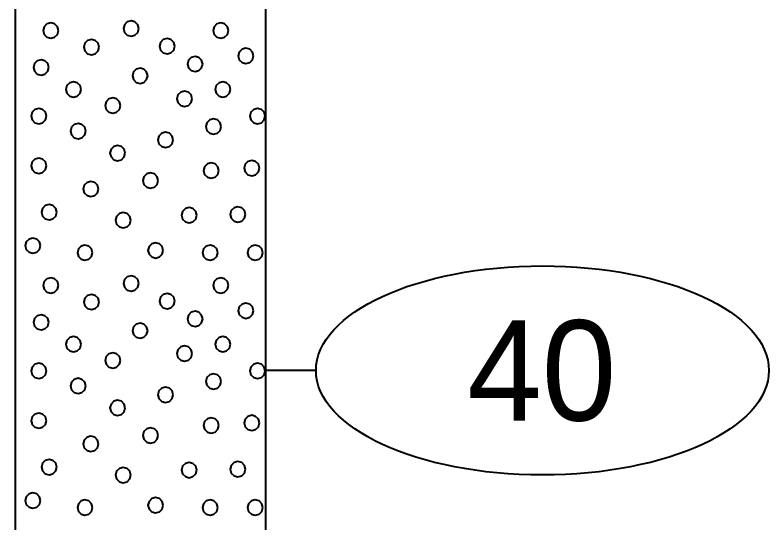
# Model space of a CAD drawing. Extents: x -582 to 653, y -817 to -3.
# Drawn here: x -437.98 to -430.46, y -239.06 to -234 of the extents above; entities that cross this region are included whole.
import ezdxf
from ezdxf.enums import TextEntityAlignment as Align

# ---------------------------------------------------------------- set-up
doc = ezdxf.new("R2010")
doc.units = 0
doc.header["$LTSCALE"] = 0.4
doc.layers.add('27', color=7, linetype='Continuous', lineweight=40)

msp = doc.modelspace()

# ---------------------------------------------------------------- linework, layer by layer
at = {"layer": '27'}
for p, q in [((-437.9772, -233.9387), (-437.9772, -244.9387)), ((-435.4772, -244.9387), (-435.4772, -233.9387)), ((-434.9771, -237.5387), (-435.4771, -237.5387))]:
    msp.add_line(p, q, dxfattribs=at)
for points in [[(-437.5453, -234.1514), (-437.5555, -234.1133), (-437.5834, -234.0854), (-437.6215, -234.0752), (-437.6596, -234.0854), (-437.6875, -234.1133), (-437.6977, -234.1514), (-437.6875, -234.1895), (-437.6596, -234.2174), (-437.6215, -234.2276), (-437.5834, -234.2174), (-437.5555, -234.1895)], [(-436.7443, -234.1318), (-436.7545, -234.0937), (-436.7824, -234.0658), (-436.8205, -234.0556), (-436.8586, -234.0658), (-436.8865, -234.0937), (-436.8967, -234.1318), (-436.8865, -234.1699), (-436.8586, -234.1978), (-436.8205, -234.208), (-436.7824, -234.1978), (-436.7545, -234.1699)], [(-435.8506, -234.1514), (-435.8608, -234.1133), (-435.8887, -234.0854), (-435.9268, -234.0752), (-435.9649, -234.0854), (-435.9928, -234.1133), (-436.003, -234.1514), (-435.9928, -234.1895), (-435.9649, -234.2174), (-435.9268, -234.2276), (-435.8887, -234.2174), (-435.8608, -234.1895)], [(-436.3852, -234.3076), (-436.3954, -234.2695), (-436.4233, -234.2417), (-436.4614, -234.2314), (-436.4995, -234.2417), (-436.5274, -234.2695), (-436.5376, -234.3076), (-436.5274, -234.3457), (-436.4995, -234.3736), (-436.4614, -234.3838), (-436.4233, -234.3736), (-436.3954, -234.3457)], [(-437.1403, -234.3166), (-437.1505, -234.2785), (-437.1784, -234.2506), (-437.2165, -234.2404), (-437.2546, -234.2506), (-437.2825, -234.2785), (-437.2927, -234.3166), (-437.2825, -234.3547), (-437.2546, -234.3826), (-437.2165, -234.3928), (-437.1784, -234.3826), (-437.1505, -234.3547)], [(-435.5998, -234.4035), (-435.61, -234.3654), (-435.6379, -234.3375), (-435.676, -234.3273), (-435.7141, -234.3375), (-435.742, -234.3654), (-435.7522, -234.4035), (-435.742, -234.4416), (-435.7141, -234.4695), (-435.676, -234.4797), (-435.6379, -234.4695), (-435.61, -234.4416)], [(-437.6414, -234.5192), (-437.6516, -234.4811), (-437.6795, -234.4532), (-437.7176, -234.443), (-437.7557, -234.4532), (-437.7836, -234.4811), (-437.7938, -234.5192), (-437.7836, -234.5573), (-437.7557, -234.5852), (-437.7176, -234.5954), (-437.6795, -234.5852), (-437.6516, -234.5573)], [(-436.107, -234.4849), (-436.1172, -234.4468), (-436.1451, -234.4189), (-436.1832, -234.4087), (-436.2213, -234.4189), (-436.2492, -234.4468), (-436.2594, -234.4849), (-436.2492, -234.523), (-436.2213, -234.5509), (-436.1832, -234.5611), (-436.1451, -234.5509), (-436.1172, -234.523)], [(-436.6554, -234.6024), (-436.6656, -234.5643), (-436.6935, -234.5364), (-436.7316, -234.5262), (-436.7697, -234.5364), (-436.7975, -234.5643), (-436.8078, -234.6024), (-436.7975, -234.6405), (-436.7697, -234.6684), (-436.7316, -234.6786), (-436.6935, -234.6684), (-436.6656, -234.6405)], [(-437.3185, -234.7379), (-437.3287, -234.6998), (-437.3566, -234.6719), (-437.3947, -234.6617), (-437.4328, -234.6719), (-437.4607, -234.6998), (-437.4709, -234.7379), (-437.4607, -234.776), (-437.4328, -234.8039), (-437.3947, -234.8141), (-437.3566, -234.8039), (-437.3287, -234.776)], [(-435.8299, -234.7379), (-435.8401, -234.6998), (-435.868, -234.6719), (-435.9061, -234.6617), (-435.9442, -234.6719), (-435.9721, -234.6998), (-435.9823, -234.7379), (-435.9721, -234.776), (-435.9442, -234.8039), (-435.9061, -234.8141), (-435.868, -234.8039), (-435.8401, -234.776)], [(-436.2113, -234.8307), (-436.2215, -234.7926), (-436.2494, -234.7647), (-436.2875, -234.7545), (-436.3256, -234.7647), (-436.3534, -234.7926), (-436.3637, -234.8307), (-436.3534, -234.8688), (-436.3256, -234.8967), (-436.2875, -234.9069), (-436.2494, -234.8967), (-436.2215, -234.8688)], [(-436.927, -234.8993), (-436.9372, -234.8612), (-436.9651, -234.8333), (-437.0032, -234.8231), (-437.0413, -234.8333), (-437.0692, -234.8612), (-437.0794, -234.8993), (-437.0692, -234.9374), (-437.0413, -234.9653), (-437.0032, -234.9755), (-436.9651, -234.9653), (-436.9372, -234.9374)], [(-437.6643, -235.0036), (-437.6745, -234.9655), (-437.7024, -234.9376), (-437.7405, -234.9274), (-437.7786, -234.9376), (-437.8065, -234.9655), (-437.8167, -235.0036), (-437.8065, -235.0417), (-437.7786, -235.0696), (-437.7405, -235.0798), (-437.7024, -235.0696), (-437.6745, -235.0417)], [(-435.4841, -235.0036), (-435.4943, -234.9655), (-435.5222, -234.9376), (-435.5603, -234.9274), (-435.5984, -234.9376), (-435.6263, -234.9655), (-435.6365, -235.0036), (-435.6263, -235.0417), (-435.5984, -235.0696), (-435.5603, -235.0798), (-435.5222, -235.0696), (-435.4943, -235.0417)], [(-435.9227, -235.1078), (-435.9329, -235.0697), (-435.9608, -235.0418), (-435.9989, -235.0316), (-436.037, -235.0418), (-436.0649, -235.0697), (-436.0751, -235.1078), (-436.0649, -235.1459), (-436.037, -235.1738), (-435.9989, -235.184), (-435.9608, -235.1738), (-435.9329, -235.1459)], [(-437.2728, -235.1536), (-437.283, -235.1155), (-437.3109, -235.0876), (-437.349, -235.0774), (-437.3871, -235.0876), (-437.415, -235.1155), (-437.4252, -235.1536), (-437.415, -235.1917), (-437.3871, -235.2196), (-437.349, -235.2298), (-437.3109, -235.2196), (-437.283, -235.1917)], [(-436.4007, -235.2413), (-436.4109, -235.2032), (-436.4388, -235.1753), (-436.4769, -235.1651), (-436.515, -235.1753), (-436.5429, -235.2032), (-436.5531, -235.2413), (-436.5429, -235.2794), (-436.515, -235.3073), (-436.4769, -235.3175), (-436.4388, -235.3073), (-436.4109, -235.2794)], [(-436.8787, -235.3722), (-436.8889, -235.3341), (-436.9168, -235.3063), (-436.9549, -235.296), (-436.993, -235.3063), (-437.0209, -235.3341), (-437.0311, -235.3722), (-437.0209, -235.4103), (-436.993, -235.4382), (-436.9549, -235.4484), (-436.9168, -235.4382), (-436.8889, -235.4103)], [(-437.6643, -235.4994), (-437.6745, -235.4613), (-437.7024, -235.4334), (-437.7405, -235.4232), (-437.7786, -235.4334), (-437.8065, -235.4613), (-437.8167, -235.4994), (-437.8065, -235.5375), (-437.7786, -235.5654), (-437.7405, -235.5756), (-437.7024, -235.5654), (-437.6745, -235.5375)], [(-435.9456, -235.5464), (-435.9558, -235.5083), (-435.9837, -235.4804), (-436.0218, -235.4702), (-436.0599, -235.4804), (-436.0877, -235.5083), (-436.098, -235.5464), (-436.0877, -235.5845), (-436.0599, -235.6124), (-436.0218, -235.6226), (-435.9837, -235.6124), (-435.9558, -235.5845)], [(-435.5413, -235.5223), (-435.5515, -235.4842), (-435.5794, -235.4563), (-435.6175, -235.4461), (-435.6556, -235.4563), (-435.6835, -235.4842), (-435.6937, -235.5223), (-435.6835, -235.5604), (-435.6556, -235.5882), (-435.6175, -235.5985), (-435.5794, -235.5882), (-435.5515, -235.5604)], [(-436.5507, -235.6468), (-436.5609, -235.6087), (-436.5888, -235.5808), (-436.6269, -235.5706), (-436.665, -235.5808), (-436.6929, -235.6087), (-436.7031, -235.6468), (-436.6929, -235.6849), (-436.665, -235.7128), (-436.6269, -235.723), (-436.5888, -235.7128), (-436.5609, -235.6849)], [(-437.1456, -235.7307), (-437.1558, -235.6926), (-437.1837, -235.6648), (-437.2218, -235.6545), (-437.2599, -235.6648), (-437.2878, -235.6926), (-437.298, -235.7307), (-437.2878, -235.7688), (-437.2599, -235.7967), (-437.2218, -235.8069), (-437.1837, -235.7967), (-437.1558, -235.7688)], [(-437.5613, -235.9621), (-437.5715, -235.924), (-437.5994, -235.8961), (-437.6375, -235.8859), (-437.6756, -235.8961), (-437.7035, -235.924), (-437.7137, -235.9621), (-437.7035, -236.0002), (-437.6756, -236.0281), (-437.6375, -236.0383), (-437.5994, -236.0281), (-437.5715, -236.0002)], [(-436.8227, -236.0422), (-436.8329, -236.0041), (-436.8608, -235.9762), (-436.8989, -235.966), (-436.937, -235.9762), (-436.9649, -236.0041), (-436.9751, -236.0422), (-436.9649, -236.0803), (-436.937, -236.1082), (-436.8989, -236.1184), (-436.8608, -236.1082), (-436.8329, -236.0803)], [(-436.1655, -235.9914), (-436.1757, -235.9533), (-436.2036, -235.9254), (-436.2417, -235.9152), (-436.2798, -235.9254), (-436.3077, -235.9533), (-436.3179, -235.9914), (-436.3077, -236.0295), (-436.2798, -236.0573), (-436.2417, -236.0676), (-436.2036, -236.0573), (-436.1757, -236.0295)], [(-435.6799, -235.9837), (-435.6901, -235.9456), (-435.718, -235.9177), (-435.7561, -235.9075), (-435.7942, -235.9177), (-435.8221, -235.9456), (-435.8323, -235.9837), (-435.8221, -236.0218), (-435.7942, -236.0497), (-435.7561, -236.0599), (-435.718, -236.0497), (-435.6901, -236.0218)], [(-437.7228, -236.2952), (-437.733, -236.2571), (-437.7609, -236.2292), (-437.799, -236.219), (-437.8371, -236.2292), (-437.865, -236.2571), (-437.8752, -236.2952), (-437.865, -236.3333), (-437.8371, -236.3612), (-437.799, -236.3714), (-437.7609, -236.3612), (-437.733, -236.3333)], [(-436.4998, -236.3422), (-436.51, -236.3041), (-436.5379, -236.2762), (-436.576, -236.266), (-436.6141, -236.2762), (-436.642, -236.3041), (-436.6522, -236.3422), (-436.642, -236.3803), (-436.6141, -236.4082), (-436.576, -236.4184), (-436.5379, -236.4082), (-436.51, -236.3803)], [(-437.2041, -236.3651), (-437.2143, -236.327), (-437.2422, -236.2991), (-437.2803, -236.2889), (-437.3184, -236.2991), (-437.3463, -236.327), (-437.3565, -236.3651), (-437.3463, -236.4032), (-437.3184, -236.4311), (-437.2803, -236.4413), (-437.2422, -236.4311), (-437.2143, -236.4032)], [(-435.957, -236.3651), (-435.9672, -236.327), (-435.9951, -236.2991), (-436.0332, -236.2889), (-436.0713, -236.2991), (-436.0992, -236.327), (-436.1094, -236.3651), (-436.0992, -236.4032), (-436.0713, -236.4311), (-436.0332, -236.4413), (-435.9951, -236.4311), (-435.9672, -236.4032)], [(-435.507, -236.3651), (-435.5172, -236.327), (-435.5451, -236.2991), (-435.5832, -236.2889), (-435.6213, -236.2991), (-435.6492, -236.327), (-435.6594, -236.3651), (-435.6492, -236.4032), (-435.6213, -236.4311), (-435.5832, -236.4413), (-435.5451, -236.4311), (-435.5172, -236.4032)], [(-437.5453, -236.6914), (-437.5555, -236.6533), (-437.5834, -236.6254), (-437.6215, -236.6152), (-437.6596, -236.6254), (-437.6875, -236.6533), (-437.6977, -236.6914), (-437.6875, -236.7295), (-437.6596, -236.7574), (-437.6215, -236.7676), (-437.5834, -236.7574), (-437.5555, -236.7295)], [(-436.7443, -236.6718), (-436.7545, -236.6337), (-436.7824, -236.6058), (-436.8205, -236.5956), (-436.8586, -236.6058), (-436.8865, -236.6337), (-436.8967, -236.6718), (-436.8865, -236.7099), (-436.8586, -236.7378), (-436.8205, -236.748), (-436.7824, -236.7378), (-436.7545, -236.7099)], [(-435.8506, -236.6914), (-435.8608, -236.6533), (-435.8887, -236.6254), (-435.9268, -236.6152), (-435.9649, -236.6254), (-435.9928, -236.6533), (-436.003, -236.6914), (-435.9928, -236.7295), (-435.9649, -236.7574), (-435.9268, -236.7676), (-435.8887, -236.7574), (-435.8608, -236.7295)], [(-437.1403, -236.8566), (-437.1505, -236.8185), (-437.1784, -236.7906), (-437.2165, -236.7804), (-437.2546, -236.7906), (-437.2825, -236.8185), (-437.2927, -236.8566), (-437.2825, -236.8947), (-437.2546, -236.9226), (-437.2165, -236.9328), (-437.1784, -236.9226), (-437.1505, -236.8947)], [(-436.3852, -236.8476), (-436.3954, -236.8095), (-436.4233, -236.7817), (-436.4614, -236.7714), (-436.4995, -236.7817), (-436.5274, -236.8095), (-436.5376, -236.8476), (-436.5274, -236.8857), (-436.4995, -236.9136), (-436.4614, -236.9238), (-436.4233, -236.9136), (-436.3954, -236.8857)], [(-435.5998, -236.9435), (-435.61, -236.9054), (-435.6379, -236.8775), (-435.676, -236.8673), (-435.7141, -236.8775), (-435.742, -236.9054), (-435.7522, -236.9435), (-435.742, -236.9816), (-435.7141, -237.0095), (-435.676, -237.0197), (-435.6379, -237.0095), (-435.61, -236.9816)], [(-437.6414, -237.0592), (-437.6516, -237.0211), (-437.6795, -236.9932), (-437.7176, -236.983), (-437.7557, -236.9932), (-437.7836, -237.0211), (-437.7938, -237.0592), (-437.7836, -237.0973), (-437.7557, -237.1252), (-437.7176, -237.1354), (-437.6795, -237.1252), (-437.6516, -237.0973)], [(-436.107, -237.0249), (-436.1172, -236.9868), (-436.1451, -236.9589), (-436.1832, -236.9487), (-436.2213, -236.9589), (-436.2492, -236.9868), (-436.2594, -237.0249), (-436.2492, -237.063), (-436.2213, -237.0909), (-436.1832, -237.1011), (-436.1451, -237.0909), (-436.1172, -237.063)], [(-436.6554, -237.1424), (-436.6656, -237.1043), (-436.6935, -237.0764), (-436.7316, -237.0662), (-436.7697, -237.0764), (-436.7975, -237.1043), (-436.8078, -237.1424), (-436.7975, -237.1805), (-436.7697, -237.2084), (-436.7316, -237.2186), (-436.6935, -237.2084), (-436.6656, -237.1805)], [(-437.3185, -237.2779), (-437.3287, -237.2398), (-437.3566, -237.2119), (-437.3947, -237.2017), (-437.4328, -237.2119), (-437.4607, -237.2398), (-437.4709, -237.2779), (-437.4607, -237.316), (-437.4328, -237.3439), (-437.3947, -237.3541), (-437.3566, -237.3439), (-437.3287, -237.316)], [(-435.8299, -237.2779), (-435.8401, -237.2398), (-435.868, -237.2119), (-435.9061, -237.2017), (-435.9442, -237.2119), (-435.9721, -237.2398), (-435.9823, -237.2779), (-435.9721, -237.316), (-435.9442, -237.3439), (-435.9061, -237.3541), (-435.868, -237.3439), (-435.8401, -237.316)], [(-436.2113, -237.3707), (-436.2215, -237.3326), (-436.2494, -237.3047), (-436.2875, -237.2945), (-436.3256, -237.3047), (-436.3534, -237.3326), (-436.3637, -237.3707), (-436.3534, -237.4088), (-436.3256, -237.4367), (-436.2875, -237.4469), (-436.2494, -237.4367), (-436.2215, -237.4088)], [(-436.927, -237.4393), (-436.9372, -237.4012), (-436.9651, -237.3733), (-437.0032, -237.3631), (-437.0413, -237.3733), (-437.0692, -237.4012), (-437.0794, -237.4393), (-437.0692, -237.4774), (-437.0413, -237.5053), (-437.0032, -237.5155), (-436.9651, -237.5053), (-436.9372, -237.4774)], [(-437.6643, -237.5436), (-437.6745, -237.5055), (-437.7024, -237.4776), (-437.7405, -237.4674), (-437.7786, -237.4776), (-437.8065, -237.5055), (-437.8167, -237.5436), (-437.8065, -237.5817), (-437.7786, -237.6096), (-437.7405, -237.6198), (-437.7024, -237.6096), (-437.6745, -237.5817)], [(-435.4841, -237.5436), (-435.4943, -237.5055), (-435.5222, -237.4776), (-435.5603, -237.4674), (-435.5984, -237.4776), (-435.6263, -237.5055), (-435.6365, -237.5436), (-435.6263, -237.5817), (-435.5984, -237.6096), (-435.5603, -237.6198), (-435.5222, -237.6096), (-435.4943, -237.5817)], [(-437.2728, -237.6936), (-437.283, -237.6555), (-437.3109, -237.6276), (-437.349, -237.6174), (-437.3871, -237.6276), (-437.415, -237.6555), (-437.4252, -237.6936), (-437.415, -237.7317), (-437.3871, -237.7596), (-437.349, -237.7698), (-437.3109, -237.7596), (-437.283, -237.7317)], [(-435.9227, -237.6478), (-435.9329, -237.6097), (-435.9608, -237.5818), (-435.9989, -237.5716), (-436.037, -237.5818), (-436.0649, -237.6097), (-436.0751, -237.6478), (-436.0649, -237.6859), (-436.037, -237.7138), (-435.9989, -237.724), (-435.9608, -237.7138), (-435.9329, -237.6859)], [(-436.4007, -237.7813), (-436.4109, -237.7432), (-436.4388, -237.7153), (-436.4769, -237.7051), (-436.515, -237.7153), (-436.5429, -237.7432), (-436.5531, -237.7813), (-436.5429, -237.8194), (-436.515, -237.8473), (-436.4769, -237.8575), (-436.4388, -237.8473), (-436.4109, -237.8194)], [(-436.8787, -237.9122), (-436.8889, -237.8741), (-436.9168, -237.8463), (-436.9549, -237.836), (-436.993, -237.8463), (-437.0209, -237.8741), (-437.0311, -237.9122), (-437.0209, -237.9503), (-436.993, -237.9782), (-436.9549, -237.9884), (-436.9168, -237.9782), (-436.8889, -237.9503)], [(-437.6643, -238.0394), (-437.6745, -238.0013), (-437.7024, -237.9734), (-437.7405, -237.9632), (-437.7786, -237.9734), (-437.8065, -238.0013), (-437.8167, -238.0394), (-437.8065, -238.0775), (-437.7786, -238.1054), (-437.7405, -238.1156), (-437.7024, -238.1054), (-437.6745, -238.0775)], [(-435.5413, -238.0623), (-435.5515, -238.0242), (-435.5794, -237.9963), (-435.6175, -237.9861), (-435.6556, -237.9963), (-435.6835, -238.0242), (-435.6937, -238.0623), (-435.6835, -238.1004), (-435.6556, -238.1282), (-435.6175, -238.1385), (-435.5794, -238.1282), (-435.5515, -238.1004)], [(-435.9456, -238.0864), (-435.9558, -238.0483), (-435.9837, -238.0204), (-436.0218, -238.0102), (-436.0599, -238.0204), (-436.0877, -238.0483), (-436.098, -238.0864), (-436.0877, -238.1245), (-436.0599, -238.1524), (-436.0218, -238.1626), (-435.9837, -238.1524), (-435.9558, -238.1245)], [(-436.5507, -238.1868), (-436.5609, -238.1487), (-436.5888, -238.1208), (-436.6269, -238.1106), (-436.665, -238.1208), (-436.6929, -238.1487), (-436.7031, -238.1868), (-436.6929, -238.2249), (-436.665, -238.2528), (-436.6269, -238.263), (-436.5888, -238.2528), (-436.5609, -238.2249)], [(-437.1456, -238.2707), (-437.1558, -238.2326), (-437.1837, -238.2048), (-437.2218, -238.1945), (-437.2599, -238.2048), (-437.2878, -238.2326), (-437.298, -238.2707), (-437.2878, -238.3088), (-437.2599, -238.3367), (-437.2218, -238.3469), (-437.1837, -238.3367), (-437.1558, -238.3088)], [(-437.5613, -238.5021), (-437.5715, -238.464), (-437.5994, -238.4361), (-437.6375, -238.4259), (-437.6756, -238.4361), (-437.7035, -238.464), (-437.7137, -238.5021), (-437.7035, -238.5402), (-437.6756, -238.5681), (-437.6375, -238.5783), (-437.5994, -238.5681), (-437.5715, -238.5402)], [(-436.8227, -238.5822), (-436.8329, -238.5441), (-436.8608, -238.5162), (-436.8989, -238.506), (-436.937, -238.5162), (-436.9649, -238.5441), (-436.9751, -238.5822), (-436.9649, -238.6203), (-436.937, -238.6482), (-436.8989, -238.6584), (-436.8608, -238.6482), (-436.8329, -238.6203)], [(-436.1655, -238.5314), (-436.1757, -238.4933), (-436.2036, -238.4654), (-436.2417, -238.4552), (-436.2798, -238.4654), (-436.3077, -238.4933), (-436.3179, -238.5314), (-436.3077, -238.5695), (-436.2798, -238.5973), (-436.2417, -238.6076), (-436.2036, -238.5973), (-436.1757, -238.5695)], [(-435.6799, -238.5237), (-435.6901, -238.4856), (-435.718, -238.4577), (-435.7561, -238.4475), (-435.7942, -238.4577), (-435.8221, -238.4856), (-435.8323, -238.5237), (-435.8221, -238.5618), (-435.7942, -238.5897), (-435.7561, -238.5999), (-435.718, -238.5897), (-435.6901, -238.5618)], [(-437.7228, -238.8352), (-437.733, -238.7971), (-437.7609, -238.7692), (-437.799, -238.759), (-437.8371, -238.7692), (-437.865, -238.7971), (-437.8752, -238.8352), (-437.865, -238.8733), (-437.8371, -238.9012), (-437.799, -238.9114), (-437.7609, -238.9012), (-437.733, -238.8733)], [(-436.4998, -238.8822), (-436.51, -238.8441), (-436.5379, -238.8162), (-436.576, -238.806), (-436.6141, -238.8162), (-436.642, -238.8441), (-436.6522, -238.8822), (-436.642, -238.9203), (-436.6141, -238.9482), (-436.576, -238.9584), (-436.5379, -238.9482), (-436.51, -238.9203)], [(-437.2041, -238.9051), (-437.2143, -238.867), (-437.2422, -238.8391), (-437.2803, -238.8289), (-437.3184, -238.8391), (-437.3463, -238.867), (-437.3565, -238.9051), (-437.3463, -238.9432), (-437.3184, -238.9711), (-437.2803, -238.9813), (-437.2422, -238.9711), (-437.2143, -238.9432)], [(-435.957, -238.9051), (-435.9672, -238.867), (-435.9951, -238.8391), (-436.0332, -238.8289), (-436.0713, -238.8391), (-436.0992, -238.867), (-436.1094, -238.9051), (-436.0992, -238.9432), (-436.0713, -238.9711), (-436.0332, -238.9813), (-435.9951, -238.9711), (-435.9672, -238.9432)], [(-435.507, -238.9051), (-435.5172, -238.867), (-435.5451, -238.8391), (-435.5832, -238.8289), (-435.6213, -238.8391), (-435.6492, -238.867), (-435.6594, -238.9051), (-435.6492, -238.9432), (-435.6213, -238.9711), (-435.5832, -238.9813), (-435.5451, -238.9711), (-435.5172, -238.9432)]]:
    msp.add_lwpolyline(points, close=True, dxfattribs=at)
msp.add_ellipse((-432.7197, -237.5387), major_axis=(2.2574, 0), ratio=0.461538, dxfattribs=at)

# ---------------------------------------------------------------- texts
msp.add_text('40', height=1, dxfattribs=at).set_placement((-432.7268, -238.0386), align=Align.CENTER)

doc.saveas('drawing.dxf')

YOUR OBJECTIVE: Filter the data for the string "dxfattribs" and copy every line that has it.

SOLUTION FOR THIS EXERCISE:
    msp.add_line(p, q, dxfattribs=at)
    msp.add_lwpolyline(points, close=True, dxfattribs=at)
msp.add_ellipse((-432.7197, -237.5387), major_axis=(2.2574, 0), ratio=0.461538, dxfattribs=at)
msp.add_text('40', height=1, dxfattribs=at).set_placement((-432.7268, -238.0386), align=Align.CENTER)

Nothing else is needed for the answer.